**** DATA TO EXAMINE ****

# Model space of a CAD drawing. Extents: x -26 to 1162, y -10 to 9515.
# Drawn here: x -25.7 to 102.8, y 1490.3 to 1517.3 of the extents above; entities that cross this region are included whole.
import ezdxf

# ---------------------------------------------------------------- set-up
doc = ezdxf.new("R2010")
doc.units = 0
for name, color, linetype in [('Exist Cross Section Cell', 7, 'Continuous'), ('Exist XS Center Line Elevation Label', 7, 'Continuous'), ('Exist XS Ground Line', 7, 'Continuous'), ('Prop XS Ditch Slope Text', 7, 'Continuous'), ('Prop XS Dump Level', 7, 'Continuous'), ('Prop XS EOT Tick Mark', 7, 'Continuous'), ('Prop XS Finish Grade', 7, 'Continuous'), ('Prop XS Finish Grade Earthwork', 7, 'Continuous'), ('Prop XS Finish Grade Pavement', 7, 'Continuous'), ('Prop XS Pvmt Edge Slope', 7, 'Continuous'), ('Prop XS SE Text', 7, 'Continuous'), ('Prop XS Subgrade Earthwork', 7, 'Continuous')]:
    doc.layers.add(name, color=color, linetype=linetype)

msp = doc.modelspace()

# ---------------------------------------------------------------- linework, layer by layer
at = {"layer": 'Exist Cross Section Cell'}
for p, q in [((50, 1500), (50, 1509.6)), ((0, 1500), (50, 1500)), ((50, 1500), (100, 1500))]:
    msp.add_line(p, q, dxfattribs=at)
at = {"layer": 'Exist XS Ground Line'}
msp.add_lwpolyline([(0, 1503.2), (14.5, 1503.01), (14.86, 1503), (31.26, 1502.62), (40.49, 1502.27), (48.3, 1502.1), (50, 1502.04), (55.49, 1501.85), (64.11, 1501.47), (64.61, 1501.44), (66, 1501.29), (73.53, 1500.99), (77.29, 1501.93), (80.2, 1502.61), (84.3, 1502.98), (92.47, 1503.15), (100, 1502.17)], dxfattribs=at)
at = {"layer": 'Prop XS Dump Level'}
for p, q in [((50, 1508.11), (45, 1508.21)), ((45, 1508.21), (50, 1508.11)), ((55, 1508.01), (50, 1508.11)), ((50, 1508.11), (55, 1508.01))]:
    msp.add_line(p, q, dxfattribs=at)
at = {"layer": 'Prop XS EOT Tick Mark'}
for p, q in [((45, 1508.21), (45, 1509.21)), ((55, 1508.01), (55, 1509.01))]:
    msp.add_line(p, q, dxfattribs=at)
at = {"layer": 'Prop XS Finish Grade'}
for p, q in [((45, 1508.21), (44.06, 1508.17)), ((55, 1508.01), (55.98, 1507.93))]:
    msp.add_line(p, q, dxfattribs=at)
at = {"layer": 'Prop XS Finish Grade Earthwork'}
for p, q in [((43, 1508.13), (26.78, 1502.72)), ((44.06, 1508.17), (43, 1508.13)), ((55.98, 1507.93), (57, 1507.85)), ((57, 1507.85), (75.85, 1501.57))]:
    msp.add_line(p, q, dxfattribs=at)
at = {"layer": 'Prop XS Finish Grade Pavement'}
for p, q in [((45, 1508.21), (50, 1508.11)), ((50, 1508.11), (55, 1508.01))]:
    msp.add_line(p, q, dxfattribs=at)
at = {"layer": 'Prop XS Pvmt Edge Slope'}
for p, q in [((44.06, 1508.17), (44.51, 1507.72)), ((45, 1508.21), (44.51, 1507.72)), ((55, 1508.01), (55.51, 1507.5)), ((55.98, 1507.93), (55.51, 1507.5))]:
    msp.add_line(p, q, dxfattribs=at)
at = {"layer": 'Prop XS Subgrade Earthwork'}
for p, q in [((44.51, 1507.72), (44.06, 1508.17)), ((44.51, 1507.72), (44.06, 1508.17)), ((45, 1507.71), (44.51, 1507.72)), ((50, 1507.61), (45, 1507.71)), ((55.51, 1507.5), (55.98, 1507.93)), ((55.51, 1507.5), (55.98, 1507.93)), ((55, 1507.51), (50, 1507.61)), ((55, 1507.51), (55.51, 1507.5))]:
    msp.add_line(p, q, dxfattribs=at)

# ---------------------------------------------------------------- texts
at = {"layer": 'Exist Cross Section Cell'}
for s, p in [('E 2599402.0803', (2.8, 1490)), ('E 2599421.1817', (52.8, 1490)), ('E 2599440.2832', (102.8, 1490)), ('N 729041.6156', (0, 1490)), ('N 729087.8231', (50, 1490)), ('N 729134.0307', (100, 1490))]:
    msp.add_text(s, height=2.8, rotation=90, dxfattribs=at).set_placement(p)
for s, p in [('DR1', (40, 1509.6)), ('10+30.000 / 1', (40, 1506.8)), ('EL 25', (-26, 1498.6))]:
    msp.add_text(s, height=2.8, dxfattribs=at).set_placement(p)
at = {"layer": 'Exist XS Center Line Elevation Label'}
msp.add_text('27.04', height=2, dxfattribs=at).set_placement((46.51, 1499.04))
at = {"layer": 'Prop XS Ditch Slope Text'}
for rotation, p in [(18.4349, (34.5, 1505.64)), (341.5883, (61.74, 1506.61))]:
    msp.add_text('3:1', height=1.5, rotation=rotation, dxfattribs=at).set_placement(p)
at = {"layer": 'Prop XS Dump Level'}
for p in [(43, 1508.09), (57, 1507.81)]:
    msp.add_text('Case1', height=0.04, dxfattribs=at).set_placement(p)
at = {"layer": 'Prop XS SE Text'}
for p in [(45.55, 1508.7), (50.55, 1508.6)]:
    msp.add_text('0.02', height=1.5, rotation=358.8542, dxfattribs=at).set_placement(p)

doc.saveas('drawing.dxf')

****

Exact duplication of all the data above is expected.

## WRITTEN SOLUTION
# Model space of a CAD drawing. Extents: x -26 to 1162, y -10 to 9515.
# Drawn here: x -25.7 to 102.8, y 1490.3 to 1517.3 of the extents above; entities that cross this region are included whole.
import ezdxf

# ---------------------------------------------------------------- set-up
doc = ezdxf.new("R2010")
doc.units = 0
for name, color, linetype in [('Exist Cross Section Cell', 7, 'Continuous'), ('Exist XS Center Line Elevation Label', 7, 'Continuous'), ('Exist XS Ground Line', 7, 'Continuous'), ('Prop XS Ditch Slope Text', 7, 'Continuous'), ('Prop XS Dump Level', 7, 'Continuous'), ('Prop XS EOT Tick Mark', 7, 'Continuous'), ('Prop XS Finish Grade', 7, 'Continuous'), ('Prop XS Finish Grade Earthwork', 7, 'Continuous'), ('Prop XS Finish Grade Pavement', 7, 'Continuous'), ('Prop XS Pvmt Edge Slope', 7, 'Continuous'), ('Prop XS SE Text', 7, 'Continuous'), ('Prop XS Subgrade Earthwork', 7, 'Continuous')]:
    doc.layers.add(name, color=color, linetype=linetype)

msp = doc.modelspace()

# ---------------------------------------------------------------- linework, layer by layer
at = {"layer": 'Exist Cross Section Cell'}
for p, q in [((50, 1500), (50, 1509.6)), ((0, 1500), (50, 1500)), ((50, 1500), (100, 1500))]:
    msp.add_line(p, q, dxfattribs=at)
at = {"layer": 'Exist XS Ground Line'}
msp.add_lwpolyline([(0, 1503.2), (14.5, 1503.01), (14.86, 1503), (31.26, 1502.62), (40.49, 1502.27), (48.3, 1502.1), (50, 1502.04), (55.49, 1501.85), (64.11, 1501.47), (64.61, 1501.44), (66, 1501.29), (73.53, 1500.99), (77.29, 1501.93), (80.2, 1502.61), (84.3, 1502.98), (92.47, 1503.15), (100, 1502.17)], dxfattribs=at)
at = {"layer": 'Prop XS Dump Level'}
for p, q in [((50, 1508.11), (45, 1508.21)), ((45, 1508.21), (50, 1508.11)), ((55, 1508.01), (50, 1508.11)), ((50, 1508.11), (55, 1508.01))]:
    msp.add_line(p, q, dxfattribs=at)
at = {"layer": 'Prop XS EOT Tick Mark'}
for p, q in [((45, 1508.21), (45, 1509.21)), ((55, 1508.01), (55, 1509.01))]:
    msp.add_line(p, q, dxfattribs=at)
at = {"layer": 'Prop XS Finish Grade'}
for p, q in [((45, 1508.21), (44.06, 1508.17)), ((55, 1508.01), (55.98, 1507.93))]:
    msp.add_line(p, q, dxfattribs=at)
at = {"layer": 'Prop XS Finish Grade Earthwork'}
for p, q in [((43, 1508.13), (26.78, 1502.72)), ((44.06, 1508.17), (43, 1508.13)), ((55.98, 1507.93), (57, 1507.85)), ((57, 1507.85), (75.85, 1501.57))]:
    msp.add_line(p, q, dxfattribs=at)
at = {"layer": 'Prop XS Finish Grade Pavement'}
for p, q in [((45, 1508.21), (50, 1508.11)), ((50, 1508.11), (55, 1508.01))]:
    msp.add_line(p, q, dxfattribs=at)
at = {"layer": 'Prop XS Pvmt Edge Slope'}
for p, q in [((44.06, 1508.17), (44.51, 1507.72)), ((45, 1508.21), (44.51, 1507.72)), ((55, 1508.01), (55.51, 1507.5)), ((55.98, 1507.93), (55.51, 1507.5))]:
    msp.add_line(p, q, dxfattribs=at)
at = {"layer": 'Prop XS Subgrade Earthwork'}
for p, q in [((44.51, 1507.72), (44.06, 1508.17)), ((44.51, 1507.72), (44.06, 1508.17)), ((45, 1507.71), (44.51, 1507.72)), ((50, 1507.61), (45, 1507.71)), ((55.51, 1507.5), (55.98, 1507.93)), ((55.51, 1507.5), (55.98, 1507.93)), ((55, 1507.51), (50, 1507.61)), ((55, 1507.51), (55.51, 1507.5))]:
    msp.add_line(p, q, dxfattribs=at)

# ---------------------------------------------------------------- texts
at = {"layer": 'Exist Cross Section Cell'}
for s, p in [('E 2599402.0803', (2.8, 1490)), ('E 2599421.1817', (52.8, 1490)), ('E 2599440.2832', (102.8, 1490)), ('N 729041.6156', (0, 1490)), ('N 729087.8231', (50, 1490)), ('N 729134.0307', (100, 1490))]:
    msp.add_text(s, height=2.8, rotation=90, dxfattribs=at).set_placement(p)
for s, p in [('DR1', (40, 1509.6)), ('10+30.000 / 1', (40, 1506.8)), ('EL 25', (-26, 1498.6))]:
    msp.add_text(s, height=2.8, dxfattribs=at).set_placement(p)
at = {"layer": 'Exist XS Center Line Elevation Label'}
msp.add_text('27.04', height=2, dxfattribs=at).set_placement((46.51, 1499.04))
at = {"layer": 'Prop XS Ditch Slope Text'}
for rotation, p in [(18.4349, (34.5, 1505.64)), (341.5883, (61.74, 1506.61))]:
    msp.add_text('3:1', height=1.5, rotation=rotation, dxfattribs=at).set_placement(p)
at = {"layer": 'Prop XS Dump Level'}
for p in [(43, 1508.09), (57, 1507.81)]:
    msp.add_text('Case1', height=0.04, dxfattribs=at).set_placement(p)
at = {"layer": 'Prop XS SE Text'}
for p in [(45.55, 1508.7), (50.55, 1508.6)]:
    msp.add_text('0.02', height=1.5, rotation=358.8542, dxfattribs=at).set_placement(p)

doc.saveas('drawing.dxf')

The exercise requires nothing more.